If and when McConnell carries through on this promise, Senate Democrats should immediately file a federal lawsuit against him for violating the so-called McConnell Rule. (According to this rule, as McConnell himself stated on Feb. 13, 2016, “The American people should have a voice in the selection of their next Supreme Court Justice.”) The issue — whether the McConnell Rule is now binding precedent — would not be political (and therefore “nonjusticiable”) but rather fundamentally legal (and therefore “justiciable”).

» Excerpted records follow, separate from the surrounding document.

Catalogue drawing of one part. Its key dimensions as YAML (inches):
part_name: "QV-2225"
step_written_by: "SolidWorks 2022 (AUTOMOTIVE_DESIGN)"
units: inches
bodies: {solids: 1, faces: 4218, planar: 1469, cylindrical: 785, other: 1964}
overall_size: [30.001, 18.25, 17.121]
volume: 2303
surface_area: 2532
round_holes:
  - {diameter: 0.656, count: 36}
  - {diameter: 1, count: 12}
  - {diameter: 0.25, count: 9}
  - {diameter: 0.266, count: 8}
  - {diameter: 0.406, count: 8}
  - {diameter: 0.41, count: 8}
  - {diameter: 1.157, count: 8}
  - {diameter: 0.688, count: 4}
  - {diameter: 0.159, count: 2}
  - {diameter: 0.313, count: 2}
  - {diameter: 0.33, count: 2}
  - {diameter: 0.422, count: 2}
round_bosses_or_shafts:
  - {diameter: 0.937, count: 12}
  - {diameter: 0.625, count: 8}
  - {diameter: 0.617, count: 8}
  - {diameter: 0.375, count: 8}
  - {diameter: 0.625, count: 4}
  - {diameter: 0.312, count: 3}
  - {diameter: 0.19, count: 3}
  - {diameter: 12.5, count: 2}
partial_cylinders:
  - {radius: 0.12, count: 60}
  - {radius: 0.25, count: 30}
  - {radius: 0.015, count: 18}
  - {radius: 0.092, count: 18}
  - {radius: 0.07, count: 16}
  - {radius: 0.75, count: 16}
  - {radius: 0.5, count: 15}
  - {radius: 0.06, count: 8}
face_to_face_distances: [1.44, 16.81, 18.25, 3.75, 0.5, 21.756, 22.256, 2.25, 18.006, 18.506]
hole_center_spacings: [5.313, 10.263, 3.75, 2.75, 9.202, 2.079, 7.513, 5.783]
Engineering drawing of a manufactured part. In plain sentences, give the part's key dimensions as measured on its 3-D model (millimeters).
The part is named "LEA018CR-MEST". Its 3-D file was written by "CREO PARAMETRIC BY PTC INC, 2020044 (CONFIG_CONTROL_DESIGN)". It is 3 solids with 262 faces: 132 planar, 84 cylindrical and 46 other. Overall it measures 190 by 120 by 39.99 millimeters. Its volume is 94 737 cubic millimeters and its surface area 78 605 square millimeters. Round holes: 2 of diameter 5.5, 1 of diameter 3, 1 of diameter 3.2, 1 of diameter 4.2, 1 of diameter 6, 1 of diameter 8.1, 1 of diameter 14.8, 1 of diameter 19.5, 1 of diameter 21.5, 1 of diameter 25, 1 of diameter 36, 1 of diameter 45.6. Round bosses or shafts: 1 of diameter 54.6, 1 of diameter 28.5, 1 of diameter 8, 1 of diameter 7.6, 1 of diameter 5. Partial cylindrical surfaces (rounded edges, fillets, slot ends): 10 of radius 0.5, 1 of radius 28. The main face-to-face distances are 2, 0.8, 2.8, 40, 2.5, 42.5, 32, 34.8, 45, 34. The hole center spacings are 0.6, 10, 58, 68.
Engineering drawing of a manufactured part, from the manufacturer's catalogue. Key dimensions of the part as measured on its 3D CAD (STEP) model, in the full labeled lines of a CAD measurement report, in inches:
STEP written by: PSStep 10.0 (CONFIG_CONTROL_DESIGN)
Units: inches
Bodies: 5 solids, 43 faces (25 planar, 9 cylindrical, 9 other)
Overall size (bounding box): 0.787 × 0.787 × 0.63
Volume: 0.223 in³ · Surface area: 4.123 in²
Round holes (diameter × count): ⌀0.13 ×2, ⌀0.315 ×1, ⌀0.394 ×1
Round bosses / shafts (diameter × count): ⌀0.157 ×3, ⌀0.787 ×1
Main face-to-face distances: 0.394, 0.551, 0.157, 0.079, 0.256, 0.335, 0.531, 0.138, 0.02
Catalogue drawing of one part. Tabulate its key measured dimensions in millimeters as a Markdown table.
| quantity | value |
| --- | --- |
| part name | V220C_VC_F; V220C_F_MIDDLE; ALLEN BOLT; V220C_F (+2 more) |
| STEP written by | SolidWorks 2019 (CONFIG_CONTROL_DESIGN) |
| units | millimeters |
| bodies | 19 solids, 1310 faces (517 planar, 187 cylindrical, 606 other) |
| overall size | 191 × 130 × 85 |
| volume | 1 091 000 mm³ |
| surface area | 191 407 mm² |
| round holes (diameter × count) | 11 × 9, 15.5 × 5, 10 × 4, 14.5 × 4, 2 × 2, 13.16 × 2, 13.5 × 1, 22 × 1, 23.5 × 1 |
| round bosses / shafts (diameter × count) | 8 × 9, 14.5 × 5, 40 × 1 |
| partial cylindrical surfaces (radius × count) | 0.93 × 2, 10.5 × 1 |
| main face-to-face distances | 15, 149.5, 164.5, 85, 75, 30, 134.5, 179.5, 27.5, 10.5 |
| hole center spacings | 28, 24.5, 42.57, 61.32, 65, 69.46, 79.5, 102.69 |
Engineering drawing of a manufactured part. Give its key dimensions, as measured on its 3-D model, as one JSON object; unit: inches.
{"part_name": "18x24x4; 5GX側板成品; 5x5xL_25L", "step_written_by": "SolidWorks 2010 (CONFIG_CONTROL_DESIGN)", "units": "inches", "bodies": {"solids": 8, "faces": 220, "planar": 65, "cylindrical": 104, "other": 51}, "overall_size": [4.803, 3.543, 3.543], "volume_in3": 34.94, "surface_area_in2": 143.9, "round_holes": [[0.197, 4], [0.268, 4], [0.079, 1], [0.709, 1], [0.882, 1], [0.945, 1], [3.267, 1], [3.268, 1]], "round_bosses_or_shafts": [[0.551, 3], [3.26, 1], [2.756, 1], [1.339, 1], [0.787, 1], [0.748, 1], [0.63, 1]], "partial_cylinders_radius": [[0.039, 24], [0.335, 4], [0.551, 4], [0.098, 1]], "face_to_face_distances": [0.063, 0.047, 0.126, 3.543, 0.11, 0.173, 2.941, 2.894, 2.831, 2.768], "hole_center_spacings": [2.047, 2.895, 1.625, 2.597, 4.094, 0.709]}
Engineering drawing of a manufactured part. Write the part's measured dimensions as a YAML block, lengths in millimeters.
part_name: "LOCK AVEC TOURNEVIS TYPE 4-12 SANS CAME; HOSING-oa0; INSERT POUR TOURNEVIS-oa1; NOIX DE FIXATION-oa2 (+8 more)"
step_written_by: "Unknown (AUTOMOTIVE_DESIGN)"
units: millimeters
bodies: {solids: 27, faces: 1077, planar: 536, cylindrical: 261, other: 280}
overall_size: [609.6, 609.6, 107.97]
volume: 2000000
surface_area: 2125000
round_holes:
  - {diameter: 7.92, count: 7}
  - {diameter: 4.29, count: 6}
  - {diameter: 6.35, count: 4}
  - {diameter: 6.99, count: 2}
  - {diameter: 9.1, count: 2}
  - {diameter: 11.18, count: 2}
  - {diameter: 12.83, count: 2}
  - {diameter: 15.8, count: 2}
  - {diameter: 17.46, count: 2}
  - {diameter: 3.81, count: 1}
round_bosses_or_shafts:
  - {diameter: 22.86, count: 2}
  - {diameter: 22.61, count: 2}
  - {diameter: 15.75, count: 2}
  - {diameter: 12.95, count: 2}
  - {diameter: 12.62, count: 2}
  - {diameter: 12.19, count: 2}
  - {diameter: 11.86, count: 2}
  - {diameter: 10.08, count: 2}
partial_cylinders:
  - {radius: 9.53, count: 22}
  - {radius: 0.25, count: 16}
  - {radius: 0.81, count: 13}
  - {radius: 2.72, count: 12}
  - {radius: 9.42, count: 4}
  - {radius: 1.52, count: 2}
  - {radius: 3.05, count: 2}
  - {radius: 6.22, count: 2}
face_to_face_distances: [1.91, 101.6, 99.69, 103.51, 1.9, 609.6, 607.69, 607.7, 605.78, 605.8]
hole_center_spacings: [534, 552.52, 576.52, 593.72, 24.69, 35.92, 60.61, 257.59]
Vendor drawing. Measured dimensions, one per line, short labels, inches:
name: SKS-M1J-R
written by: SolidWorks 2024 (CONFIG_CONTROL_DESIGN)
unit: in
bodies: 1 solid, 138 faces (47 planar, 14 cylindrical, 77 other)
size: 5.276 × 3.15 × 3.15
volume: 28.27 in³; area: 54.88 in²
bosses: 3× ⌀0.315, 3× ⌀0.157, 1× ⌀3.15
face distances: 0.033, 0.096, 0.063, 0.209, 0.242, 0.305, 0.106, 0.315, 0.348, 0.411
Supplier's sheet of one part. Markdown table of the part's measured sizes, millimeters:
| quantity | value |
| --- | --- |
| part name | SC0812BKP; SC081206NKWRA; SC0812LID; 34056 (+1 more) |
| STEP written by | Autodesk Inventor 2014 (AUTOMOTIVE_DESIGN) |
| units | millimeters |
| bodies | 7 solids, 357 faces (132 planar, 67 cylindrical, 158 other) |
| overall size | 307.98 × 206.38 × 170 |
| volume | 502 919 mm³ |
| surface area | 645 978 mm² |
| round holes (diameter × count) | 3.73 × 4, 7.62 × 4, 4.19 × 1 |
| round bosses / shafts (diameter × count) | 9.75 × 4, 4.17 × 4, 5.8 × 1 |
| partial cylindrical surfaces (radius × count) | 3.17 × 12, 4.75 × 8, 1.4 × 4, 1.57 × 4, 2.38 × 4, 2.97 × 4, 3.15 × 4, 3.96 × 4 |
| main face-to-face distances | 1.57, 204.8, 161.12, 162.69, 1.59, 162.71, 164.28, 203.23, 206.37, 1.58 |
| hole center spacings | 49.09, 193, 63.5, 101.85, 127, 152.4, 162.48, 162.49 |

First and foremost, the American people did have a voice in the selection of the next Supreme Court justice, and they expressed that voice in November of 2016. If you want to claim the McConnell Rule is law, then you’d better not leave out the part about the difference between a presidential election year and a midterm. Oh, and learn the difference between a rule and a law.
We’re not lawyers or law professors, but some people we follow are.
This is so completely ridiculous that it gave me a throbbing pain behind my right eye. This is YouTube-commenter-level legal analysis. https://t.co/FTQVCKkNWD
— WeaponizedHat (@Popehat) July 9, 2018
It's worse than that — the author is a law professor, and thus by definition cannot be ignorant about the subject he is writing on. This isn't just a ridiculous pile of piffle, it's active bad-faith argumentation, made by someone who knows it to be utterly spurious. https://t.co/E8BZgEDNTG
— Jeff B. (@EsotericCD) July 9, 2018
This is flat-out disinformation. #FakeNews
— Buck Clemons (@williamclemons) July 8, 2018
The desperation is burning my eyes
— Phoenix Con (@PhxCon) July 9, 2018
This is the absolute worst article I have ever read. The factual inaccuracies by this so-called law professor are astounding. The majority leader serves at the pleasure of the senate which makes its own rules by consent of its members. The Court has NO standing to do anything https://t.co/uZ2Tr4DZDt
— Chris Vito (@ChrisVito1) July 8, 2018
Do Senators have standing to sue over internal Senate procedural rules? Do the states they represent?
Why isn’t the question nonjusticiable? The author asserts that it is not, while citing no authority for that proposition.
— John Druva (@jdruva41) July 9, 2018
I'm pretty sure that's not how Schoolhouse Rock taught me laws come into being.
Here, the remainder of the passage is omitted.